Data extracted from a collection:
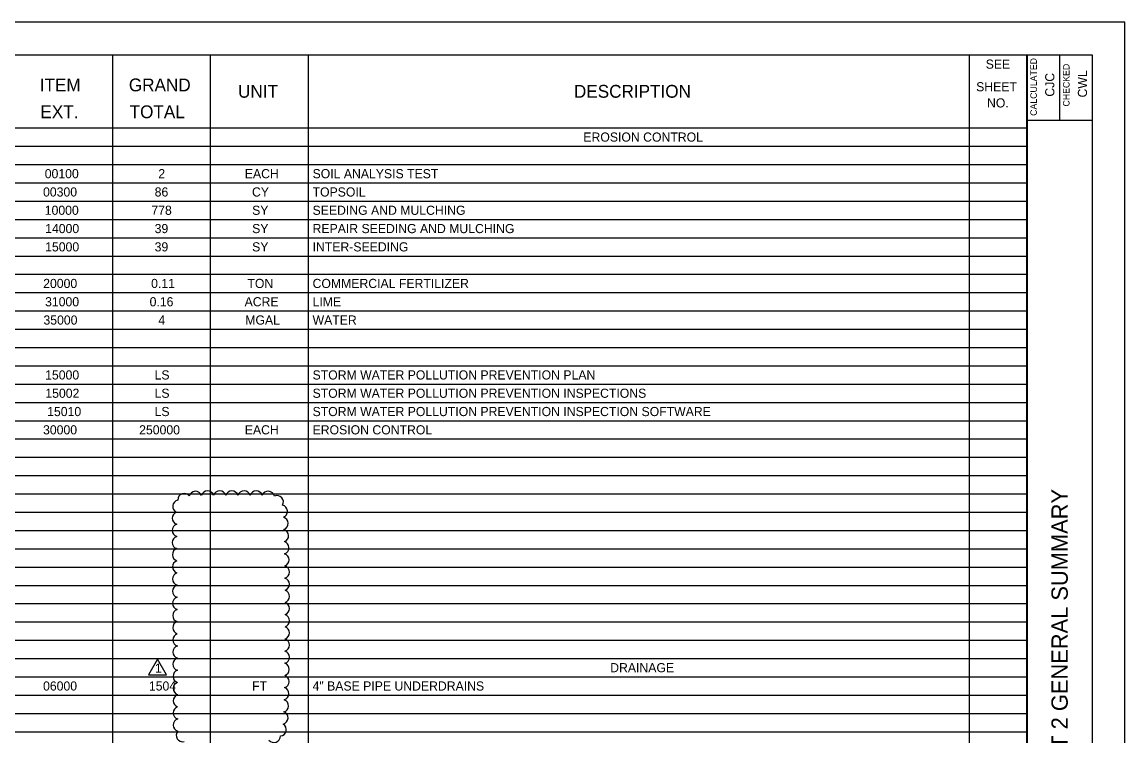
# Model space of a CAD drawing. Extents: x 0 to 34, y 0 to 22.
# Drawn here: x 17.12 to 34, y 11.08 to 22 of the extents above; entities that cross this region are included whole.
import ezdxf

# ---------------------------------------------------------------- set-up
doc = ezdxf.new("R2010")
doc.units = 0
for name, color, linetype in [('SH_Border', 7, 'Continuous'), ('SH_Cut_Line', 7, 'Continuous'), ('SH_Data', 7, 'Continuous'), ('SH_Text', 7, 'Continuous'), ('TX_P_1000', 7, 'Continuous')]:
    doc.layers.add(name, color=color, linetype=linetype)

msp = doc.modelspace()

# ---------------------------------------------------------------- linework, layer by layer
at = {"layer": 'SH_Border'}
for p, q in [((32.5, 0.5), (32.5, 21.5)), ((33, 21.5), (33, 20.5)), ((32.5, 20.5), (33.5, 20.5))]:
    msp.add_line(p, q, dxfattribs=at)
msp.add_lwpolyline([(2, 21.5), (33.5, 21.5), (33.5, 0.5), (2, 0.5)], close=True, dxfattribs=at)
at = {"layer": 'SH_Cut_Line'}
msp.add_lwpolyline([(0, 0), (34, 0), (34, 22), (0, 22)], close=True, dxfattribs=at)
at = {"layer": 'SH_Data'}
for p, q in [((15.72, 21.5), (32.504, 21.5)), ((18.504, 21.5), (18.504, 0.5)), ((20.002, 21.5), (20.002, 0.5)), ((21.501, 21.5), (21.501, 0.5)), ((31.614, 21.5), (31.614, 0.5)), ((32.504, 21.5), (32.504, 0.78)), ((2, 20.38), (32.504, 20.38)), ((2, 20.1), (32.504, 20.1)), ((2, 19.82), (32.504, 19.82)), ((2, 19.54), (32.504, 19.54)), ((2, 19.26), (32.504, 19.26)), ((2, 18.98), (32.504, 18.98)), ((2, 18.7), (32.504, 18.7)), ((2, 18.42), (32.504, 18.42)), ((2, 18.14), (32.504, 18.14)), ((2, 17.86), (32.504, 17.86)), ((2, 17.58), (32.504, 17.58)), ((2, 17.3), (32.504, 17.3)), ((2, 17.02), (32.504, 17.02)), ((2, 16.74), (32.504, 16.74)), ((2, 16.46), (32.504, 16.46)), ((2, 16.18), (32.504, 16.18)), ((2, 15.9), (32.504, 15.9)), ((2, 15.62), (32.504, 15.62)), ((2, 15.34), (32.504, 15.34)), ((2, 15.06), (32.504, 15.06)), ((2, 14.78), (32.504, 14.78)), ((2, 14.5), (32.504, 14.5)), ((2, 14.22), (32.504, 14.22)), ((2, 13.94), (32.504, 13.94)), ((2, 13.66), (32.504, 13.66)), ((2, 13.38), (32.504, 13.38)), ((2, 13.1), (32.504, 13.1)), ((2, 12.82), (32.504, 12.82)), ((2, 12.54), (32.504, 12.54)), ((2, 12.26), (32.504, 12.26)), ((2, 11.98), (32.504, 11.98)), ((2, 11.7), (32.504, 11.7)), ((2, 11.42), (32.504, 11.42)), ((2, 11.14), (32.504, 11.14))]:
    msp.add_line(p, q, dxfattribs=at)
at = {"layer": 'TX_P_1000'}
msp.add_lwpolyline([(19.194, 12.249), (19.057, 12.013), (19.33, 12.013)], close=True, dxfattribs=at)
for centre, radius, start, end in [((19.524, 14.59), 0.0975, 101.8161, 246.8161), ((19.602, 14.689), 0.0977, 36.7231, 181.7231), ((19.775, 14.722), 0.0976, 20.0252, 165.0252), ((19.96, 14.727), 0.0976, 18.0955, 163.0955), ((20.146, 14.728), 0.0976, 17.5007, 162.5007), ((20.332, 14.728), 0.0976, 17.5, 162.5), ((20.518, 14.728), 0.0976, 17.5, 162.5), ((20.704, 14.728), 0.0976, 17.4886, 162.4886), ((20.889, 14.722), 0.0976, 14.207, 159.207), ((21.023, 14.657), 0.0975, 328.8806, 113.8806), ((21.085, 14.512), 0.0976, 292.072, 77.072), ((19.516, 14.408), 0.0976, 107.7774, 252.7774), ((21.096, 14.327), 0.0976, 290.1112, 75.1112), ((19.517, 14.221), 0.0976, 107.7971, 252.7971), ((21.103, 14.141), 0.0976, 289.2389, 74.2389), ((19.518, 14.035), 0.0976, 107.805, 252.805), ((21.108, 13.955), 0.0976, 288.7142, 73.7142), ((19.519, 13.849), 0.0976, 107.8096, 252.8096), ((21.111, 13.769), 0.0976, 288.3537, 73.3537), ((19.52, 13.663), 0.0976, 107.8127, 252.8127), ((21.114, 13.583), 0.0976, 288.0863, 73.0863), ((19.521, 13.477), 0.0976, 107.815, 252.815), ((19.522, 13.29), 0.0976, 107.8168, 252.8168), ((21.115, 13.397), 0.0976, 287.8778, 72.8778), ((19.523, 13.104), 0.0976, 107.8182, 252.8182), ((21.116, 13.211), 0.0976, 287.7092, 72.7092), ((19.524, 12.918), 0.0976, 107.8194, 252.8194), ((21.117, 13.025), 0.0976, 287.5693, 72.5693), ((21.117, 12.839), 0.0976, 287.4584, 72.4584), ((19.525, 12.732), 0.0976, 107.8202, 252.8202), ((21.116, 12.653), 0.0976, 287.3535, 72.3535), ((19.526, 12.545), 0.0976, 107.8202, 252.8202), ((21.116, 12.466), 0.0976, 287.2279, 72.2279), ((19.527, 12.359), 0.0976, 107.8202, 252.8202), ((21.115, 12.28), 0.0976, 287.0737, 72.0737), ((19.528, 12.173), 0.0976, 107.8202, 252.8202), ((21.113, 12.094), 0.0976, 286.8782, 71.8782), ((19.529, 11.987), 0.0976, 107.8202, 252.8202), ((21.11, 11.908), 0.0976, 286.6187, 71.6187), ((19.53, 11.801), 0.0976, 107.8202, 252.8202), ((19.531, 11.614), 0.0976, 107.8202, 252.8202), ((21.107, 11.722), 0.0976, 286.2502, 71.2502), ((19.532, 11.428), 0.0976, 107.8202, 252.8202), ((21.102, 11.536), 0.0976, 285.6646, 70.6646), ((19.533, 11.242), 0.0976, 107.8202, 252.8202), ((21.094, 11.351), 0.0976, 284.493, 69.493), ((19.578, 11.085), 0.0976, 139.2641, 284.2641), ((21.068, 11.173), 0.0976, 273.9501, 58.9501), ((20.977, 11.072), 0.0977, 217.3339, 2.3339)]:
    msp.add_arc(centre, radius, start, end, dxfattribs=at)

# ---------------------------------------------------------------- texts
at = {"layer": 'SH_Data'}
for s, height, p in [('CALCULATED', 0.1, (32.652, 20.565)), ('CHECKED', 0.1, (33.152, 20.708)), ('CJC', 0.14, (32.92, 20.858)), ('CWL', 0.14, (33.42, 20.846)), ('4H PART 2 GENERAL SUMMARY', 0.25, (33.125, 9.672))]:
    msp.add_text(s, height=height, rotation=90, dxfattribs=at).set_placement(p)
at = {"layer": 'SH_Text'}
for s, height, p in [('SEE', 0.14, (31.869, 21.286)), ('ITEM', 0.196, (17.391, 20.94)), ('GRAND', 0.196, (18.755, 20.94)), ('UNIT', 0.196, (20.426, 20.842)), ('DESCRIPTION', 0.196, (25.567, 20.842)), ('SHEET', 0.14, (31.723, 20.94)), ('NO.', 0.14, (31.889, 20.693)), ('EXT.', 0.196, (17.401, 20.529)), ('TOTAL', 0.196, (18.767, 20.529)), ('EROSION CONTROL', 0.14, (25.711, 20.17)), ('00100', 0.14, (17.468, 19.61)), ('2', 0.14, (19.206, 19.61)), ('EACH', 0.14, (20.53, 19.61)), ('SOIL ANALYSIS TEST', 0.14, (21.567, 19.61)), ('00300', 0.14, (17.442, 19.33)), ('86', 0.14, (19.15, 19.33)), ('CY', 0.14, (20.64, 19.33)), ('TOPSOIL', 0.14, (21.567, 19.33)), ('10000', 0.14, (17.468, 19.05)), ('778', 0.14, (19.1, 19.05)), ('SY', 0.14, (20.642, 19.05)), ('SEEDING AND MULCHING', 0.14, (21.567, 19.05)), ('14000', 0.14, (17.474, 18.77)), ('39', 0.14, (19.15, 18.77)), ('SY', 0.14, (20.642, 18.77)), ('REPAIR SEEDING AND MULCHING', 0.14, (21.567, 18.77)), ('15000', 0.14, (17.474, 18.49)), ('39', 0.14, (19.15, 18.49)), ('SY', 0.14, (20.642, 18.49)), ('INTER-SEEDING', 0.14, (21.567, 18.49)), ('20000', 0.14, (17.444, 17.93)), ('0.11', 0.14, (19.096, 17.93)), ('TON', 0.14, (20.57, 17.93)), ('COMMERCIAL FERTILIZER', 0.14, (21.567, 17.93)), ('31000', 0.14, (17.473, 17.65)), ('0.16', 0.14, (19.073, 17.65)), ('ACRE', 0.14, (20.527, 17.65)), ('LIME', 0.14, (21.567, 17.65)), ('35000', 0.14, (17.448, 17.37)), ('4', 0.14, (19.206, 17.37)), ('MGAL', 0.14, (20.537, 17.37)), ('WATER', 0.14, (21.567, 17.37)), ('15000', 0.14, (17.474, 16.53)), ('LS', 0.14, (19.149, 16.53)), ('STORM WATER POLLUTION PREVENTION PLAN', 0.14, (21.567, 16.53)), ('15002', 0.14, (17.477, 16.25)), ('LS', 0.14, (19.149, 16.25)), ('STORM WATER POLLUTION PREVENTION INSPECTIONS', 0.14, (21.567, 16.25)), ('15010', 0.14, (17.505, 15.97)), ('LS', 0.14, (19.149, 15.97)), ('STORM WATER POLLUTION PREVENTION INSPECTION SOFTWARE', 0.14, (21.567, 15.97)), ('30000', 0.14, (17.442, 15.69)), ('250000', 0.14, (18.913, 15.69)), ('EACH', 0.14, (20.53, 15.69)), ('EROSION CONTROL', 0.14, (21.567, 15.69)), ('DRAINAGE', 0.14, (26.122, 12.05)), ('06000', 0.14, (17.442, 11.77)), ('1504', 0.14, (19.062, 11.77)), ('FT', 0.14, (20.642, 11.77)), ('4" BASE PIPE UNDERDRAINS', 0.14, (21.567, 11.77))]:
    msp.add_text(s, height=height, dxfattribs=at).set_placement(p)
at = {"layer": 'TX_P_1000'}
msp.add_text('1', height=0.14, rotation=360, dxfattribs=at).set_placement((19.155, 12.043))

doc.saveas('drawing.dxf')

**WHAT YOU SHOULD DO:** Exact copies of the line containing "msp.add_text(s, height=height, dxfattribs=at).set_placement(p)" and of every line after it through the end of the entries are all that should be output.

**WRITTEN ANSWER:**
    msp.add_text(s, height=height, dxfattribs=at).set_placement(p)
at = {"layer": 'TX_P_1000'}
msp.add_text('1', height=0.14, rotation=360, dxfattribs=at).set_placement((19.155, 12.043))

doc.saveas('drawing.dxf')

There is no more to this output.